Halloween is the time of year that brings back memories of candy and costumes. It also brings back memories of piles of pumpkins in most grocery stores. On the one hand, they are used a lot for cooking, but they can also be used for exercise. And to go ahead with the gourd workout, you need to choose a gourd that is heavy enough to give you a good workout like any other medicine ball. Here are some ways to make the best use of pumpkin for a full-body workout.

The Pumpkin Twist Lunge

This lunge move will provide a full-body workout, and to engage your abs, you need to add a twist. Step your right foot forward with both legs at about a 90-degree angle. Once you find your balance, turn to the right as far as you can while holding the pumpkin tight. Repeat with the other foot, while turning in the opposite direction. Keep alternate feet in place or do the exercise as you go. Continue for three sets of 12 on each side either way.

The One-Legged Pumpkin Deadlift

The single leg deadlift is a test of balance and is performed as an exercise for the hamstrings, back, and glutes. Rotate at the hips while standing on one leg as you lower the pumpkin to ground level and bring the other leg up behind you. Press the buttock of the raised leg and lift your body back using the glutes and hamstrings, back to the starting position. You must keep your back flat throughout the movement. Continue with each leg for three sets of 10.

The Pumpkin Pie Chop

Stand with your feet wider than shoulder-width apart and raise the gourd in front of you. Now balance the gourd on your head using your core power (not using your arms power) while rotating your hips, chin, and toes in the same direction. Now lower the pumpkin back down as if you were swinging a golf club below the waist to your left, again rotating your hips, chin, and toes in the same direction.
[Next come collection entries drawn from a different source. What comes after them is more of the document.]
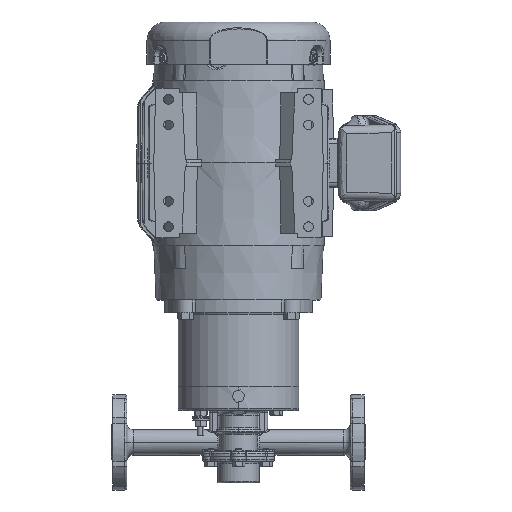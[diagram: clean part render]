
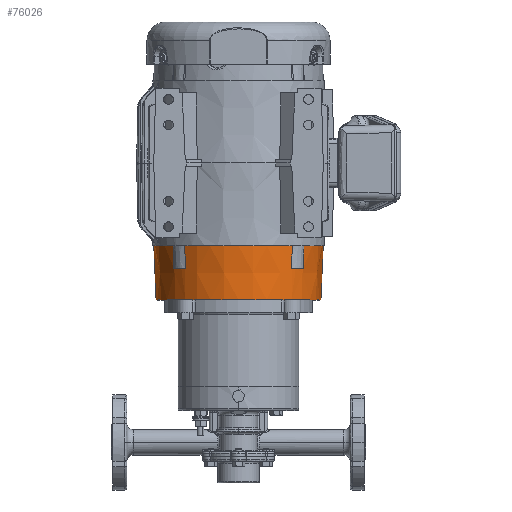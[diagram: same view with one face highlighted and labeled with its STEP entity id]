
A CAD part, top view. The second image highlights one B-rep face of the part: STEP entity #76026.
In plain terms, the highlighted conical face has half-angle 2.355 degrees and reference radius 84.582 mm.
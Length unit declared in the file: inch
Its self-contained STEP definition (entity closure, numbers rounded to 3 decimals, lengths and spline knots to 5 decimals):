
#1335 = CARTESIAN_POINT ( 'NONE',  ( 2.55036, 7.69067, 2.56457 ) ) ;
#2777 = DIRECTION ( 'NONE',  ( 0., -1., 0. ) ) ;
#4033 = LINE ( 'NONE', #118745, #129177 ) ;
#4147 = EDGE_CURVE ( 'NONE', #20553, #113999, #85285, .T. ) ;
#5050 = DIRECTION ( 'NONE',  ( 0., 1., 0. ) ) ;
#6581 = ORIENTED_EDGE ( 'NONE', *, *, #6912, .T. ) ;
#6912 = EDGE_CURVE ( 'NONE', #110770, #46168, #35804, .T. ) ;
#7505 = CARTESIAN_POINT ( 'NONE',  ( 2.09557, 7.69067, 3.01936 ) ) ;
#8940 = AXIS2_PLACEMENT_3D ( 'NONE', #95044, #145971, #92651 ) ;
#9958 = AXIS2_PLACEMENT_3D ( 'NONE', #23329, #2777, #124154 ) ;
#11860 = AXIS2_PLACEMENT_3D ( 'NONE', #52588, #38657, #89497 ) ;
#12020 = CARTESIAN_POINT ( 'NONE',  ( -2.08968, 7.399, 3.00868 ) ) ;
#12727 = EDGE_CURVE ( 'NONE', #46168, #38695, #122188, .T. ) ;
#16559 = DIRECTION ( 'NONE',  ( 0., 1., 0. ) ) ;
#19048 = CARTESIAN_POINT ( 'NONE',  ( 2.10148, 7.98233, 3.03003 ) ) ;
#19782 = CARTESIAN_POINT ( 'NONE',  ( 0., 7.399, 0.469 ) ) ;
#19786 = DIRECTION ( 'NONE',  ( 1., 0., 0. ) ) ;
#20265 = AXIS2_PLACEMENT_3D ( 'NONE', #118999, #16559, #41936 ) ;
#20553 = VERTEX_POINT ( 'NONE', #130319 ) ;
#22176 = LINE ( 'NONE', #86085, #48750 ) ;
#23329 = CARTESIAN_POINT ( 'NONE',  ( 0., 8.274, 0.469 ) ) ;
#23360 = CARTESIAN_POINT ( 'NONE',  ( -3.32486, 8.274, 0.469 ) ) ;
#27000 = EDGE_CURVE ( 'NONE', #151677, #81959, #160147, .T. ) ;
#27556 = CARTESIAN_POINT ( 'NONE',  ( 2.56103, 7.98233, 2.57048 ) ) ;
#29959 = ORIENTED_EDGE ( 'NONE', *, *, #32397, .F. ) ;
#31308 = DIRECTION ( 'NONE',  ( 1., 0., 0. ) ) ;
#32397 = EDGE_CURVE ( 'NONE', #93761, #44919, #4033, .T. ) ;
#32951 = ORIENTED_EDGE ( 'NONE', *, *, #153664, .T. ) ;
#33081 = CIRCLE ( 'NONE', #106279, 3.28887 ) ;
#33783 = VERTEX_POINT ( 'NONE', #109735 ) ;
#35657 = CARTESIAN_POINT ( 'NONE',  ( 2.10741, 8.274, 3.04068 ) ) ;
#35804 = CIRCLE ( 'NONE', #56731, 3.28887 ) ;
#36912 = CARTESIAN_POINT ( 'NONE',  ( -2.08968, 7.399, 3.00868 ) ) ;
#38657 = DIRECTION ( 'NONE',  ( 0., -1., 0. ) ) ;
#38695 = VERTEX_POINT ( 'NONE', #35657 ) ;
#39644 = CARTESIAN_POINT ( 'NONE',  ( 3.23767, 6.154, 0.469 ) ) ;
#39972 = VERTEX_POINT ( 'NONE', #61416 ) ;
#40110 = CARTESIAN_POINT ( 'NONE',  ( 0., 7.399, 0.469 ) ) ;
#40632 = CARTESIAN_POINT ( 'NONE',  ( 2.53968, 7.399, 2.55868 ) ) ;
#41936 = DIRECTION ( 'NONE',  ( -1., 0., 0. ) ) ;
#44407 = EDGE_CURVE ( 'NONE', #93761, #146588, #140394, .T. ) ;
#44919 = VERTEX_POINT ( 'NONE', #23360 ) ;
#46168 = VERTEX_POINT ( 'NONE', #104624 ) ;
#46394 = ORIENTED_EDGE ( 'NONE', *, *, #134433, .F. ) ;
#48636 = ORIENTED_EDGE ( 'NONE', *, *, #135616, .T. ) ;
#48750 = VECTOR ( 'NONE', #111441, 39.37008 ) ;
#52588 = CARTESIAN_POINT ( 'NONE',  ( 0., 8.274, 0.469 ) ) ;
#56731 = AXIS2_PLACEMENT_3D ( 'NONE', #19782, #146923, #31308 ) ;
#58247 = ORIENTED_EDGE ( 'NONE', *, *, #44407, .T. ) ;
#61416 = CARTESIAN_POINT ( 'NONE',  ( 2.57168, 8.274, 2.57641 ) ) ;
#62183 = AXIS2_PLACEMENT_3D ( 'NONE', #69817, #5050, #19786 ) ;
#62437 = CIRCLE ( 'NONE', #9958, 3.32486 ) ;
#69817 = CARTESIAN_POINT ( 'NONE',  ( 0., 8.399, 0.469 ) ) ;
#71372 = CARTESIAN_POINT ( 'NONE',  ( 2.53968, 7.399, 2.55868 ) ) ;
#71928 = EDGE_CURVE ( 'NONE', #33783, #39972, #77356, .T. ) ;
#72243 = CARTESIAN_POINT ( 'NONE',  ( -2.10148, 7.98233, 3.03003 ) ) ;
#72765 = CONICAL_SURFACE ( 'NONE', #62183, 3.33, 0.041 ) ;
#74088 = CARTESIAN_POINT ( 'NONE',  ( -2.56103, 7.98233, 2.57048 ) ) ;
#76026 = ADVANCED_FACE ( 'NONE', ( #118988 ), #72765, .T. ) ;
#77356 = CIRCLE ( 'NONE', #11860, 3.32486 ) ;
#81771 = CARTESIAN_POINT ( 'NONE',  ( -2.53968, 7.399, 2.55868 ) ) ;
#81959 = VERTEX_POINT ( 'NONE', #12020 ) ;
#82329 = B_SPLINE_CURVE_WITH_KNOTS ( 'NONE', 3,
 ( #152299, #27556, #1335, #40632 ),
 .UNSPECIFIED., .F., .F.,
 ( 4, 4 ),
 ( 0.00445, 0.02669 ),
 .UNSPECIFIED. ) ;
#84791 = CARTESIAN_POINT ( 'NONE',  ( -2.55036, 7.69067, 2.56457 ) ) ;
#85285 = B_SPLINE_CURVE_WITH_KNOTS ( 'NONE', 3,
 ( #81771, #84791, #74088, #148796 ),
 .UNSPECIFIED., .F., .F.,
 ( 4, 4 ),
 ( 0.00127, 0.02352 ),
 .UNSPECIFIED. ) ;
#86085 = CARTESIAN_POINT ( 'NONE',  ( 3.33, 8.399, 0.469 ) ) ;
#89497 = DIRECTION ( 'NONE',  ( -1., 0., 0. ) ) ;
#90131 = DIRECTION ( 'NONE',  ( 0., 1., 0. ) ) ;
#92651 = DIRECTION ( 'NONE',  ( -1., 0., 0. ) ) ;
#92876 = CARTESIAN_POINT ( 'NONE',  ( -2.57168, 8.274, 2.57641 ) ) ;
#93761 = VERTEX_POINT ( 'NONE', #110050 ) ;
#95044 = CARTESIAN_POINT ( 'NONE',  ( 0., 8.274, 0.469 ) ) ;
#95233 = ORIENTED_EDGE ( 'NONE', *, *, #109789, .T. ) ;
#96513 = DIRECTION ( 'NONE',  ( -0.041, 0.999, 0. ) ) ;
#104624 = CARTESIAN_POINT ( 'NONE',  ( 2.08968, 7.399, 3.00868 ) ) ;
#106279 = AXIS2_PLACEMENT_3D ( 'NONE', #40110, #90131, #140219 ) ;
#109048 = CARTESIAN_POINT ( 'NONE',  ( -2.10741, 8.274, 3.04068 ) ) ;
#109735 = CARTESIAN_POINT ( 'NONE',  ( 3.32486, 8.274, 0.469 ) ) ;
#109789 = EDGE_CURVE ( 'NONE', #38695, #151677, #62437, .T. ) ;
#109861 = CARTESIAN_POINT ( 'NONE',  ( -2.09557, 7.69067, 3.01936 ) ) ;
#110050 = CARTESIAN_POINT ( 'NONE',  ( -3.23767, 6.154, 0.469 ) ) ;
#110221 = ORIENTED_EDGE ( 'NONE', *, *, #12727, .T. ) ;
#110770 = VERTEX_POINT ( 'NONE', #71372 ) ;
#111441 = DIRECTION ( 'NONE',  ( 0.041, 0.999, 0. ) ) ;
#111914 = EDGE_LOOP ( 'NONE', ( #29959, #58247, #48636, #138847, #116953, #6581, #110221, #95233, #115489, #46394, #123217, #32951 ) ) ;
#113999 = VERTEX_POINT ( 'NONE', #92876 ) ;
#115489 = ORIENTED_EDGE ( 'NONE', *, *, #27000, .T. ) ;
#116953 = ORIENTED_EDGE ( 'NONE', *, *, #119673, .T. ) ;
#118745 = CARTESIAN_POINT ( 'NONE',  ( -3.33, 8.399, 0.469 ) ) ;
#118988 = FACE_OUTER_BOUND ( 'NONE', #111914, .T. ) ;
#118999 = CARTESIAN_POINT ( 'NONE',  ( 0., 6.154, 0.469 ) ) ;
#119673 = EDGE_CURVE ( 'NONE', #39972, #110770, #82329, .T. ) ;
#122188 = B_SPLINE_CURVE_WITH_KNOTS ( 'NONE', 3,
 ( #130594, #7505, #19048, #144565 ),
 .UNSPECIFIED., .F., .F.,
 ( 4, 4 ),
 ( 0.00127, 0.02352 ),
 .UNSPECIFIED. ) ;
#123217 = ORIENTED_EDGE ( 'NONE', *, *, #4147, .T. ) ;
#124154 = DIRECTION ( 'NONE',  ( -1., 0., 0. ) ) ;
#129177 = VECTOR ( 'NONE', #96513, 39.37008 ) ;
#130319 = CARTESIAN_POINT ( 'NONE',  ( -2.53968, 7.399, 2.55868 ) ) ;
#130594 = CARTESIAN_POINT ( 'NONE',  ( 2.08968, 7.399, 3.00868 ) ) ;
#134433 = EDGE_CURVE ( 'NONE', #20553, #81959, #33081, .T. ) ;
#135616 = EDGE_CURVE ( 'NONE', #146588, #33783, #22176, .T. ) ;
#138847 = ORIENTED_EDGE ( 'NONE', *, *, #71928, .T. ) ;
#140219 = DIRECTION ( 'NONE',  ( -1., 0., 0. ) ) ;
#140394 = CIRCLE ( 'NONE', #20265, 3.23767 ) ;
#144565 = CARTESIAN_POINT ( 'NONE',  ( 2.10741, 8.274, 3.04068 ) ) ;
#145971 = DIRECTION ( 'NONE',  ( 0., -1., 0. ) ) ;
#146588 = VERTEX_POINT ( 'NONE', #39644 ) ;
#146923 = DIRECTION ( 'NONE',  ( 0., -1., 0. ) ) ;
#148796 = CARTESIAN_POINT ( 'NONE',  ( -2.57168, 8.274, 2.57641 ) ) ;
#150519 = CIRCLE ( 'NONE', #8940, 3.32486 ) ;
#151677 = VERTEX_POINT ( 'NONE', #153014 ) ;
#152299 = CARTESIAN_POINT ( 'NONE',  ( 2.57168, 8.274, 2.57641 ) ) ;
#153014 = CARTESIAN_POINT ( 'NONE',  ( -2.10741, 8.274, 3.04068 ) ) ;
#153664 = EDGE_CURVE ( 'NONE', #113999, #44919, #150519, .T. ) ;
#160147 = B_SPLINE_CURVE_WITH_KNOTS ( 'NONE', 3,
 ( #109048, #72243, #109861, #36912 ),
 .UNSPECIFIED., .F., .F.,
 ( 4, 4 ),
 ( 0.00445, 0.02669 ),
 .UNSPECIFIED. ) ;

In the meantime, focus on your abs and don’t use your momentum to do the work for you.

The Overhead Pumpkin Press Sumo Squat

While standing in a slightly wider than normal squat, point your toes slightly out. This works the smaller lower body muscles in the squat routine while also working the larger ones even more. If an overhead press is added, it works like a compound movement where more than one muscle group is used in one exercise effectively cutting your work time in half. Raise the pumpkin overhead without locking your elbows. Continue for three sets of 12.

In addition to physical exercise, dancing has also been found to keep your brain sharp and prevent dementia as you age. While listening to music while dancing, the workout feels less exhausting compared to simple exercises. So why not include some music while you do pumpkin exercises?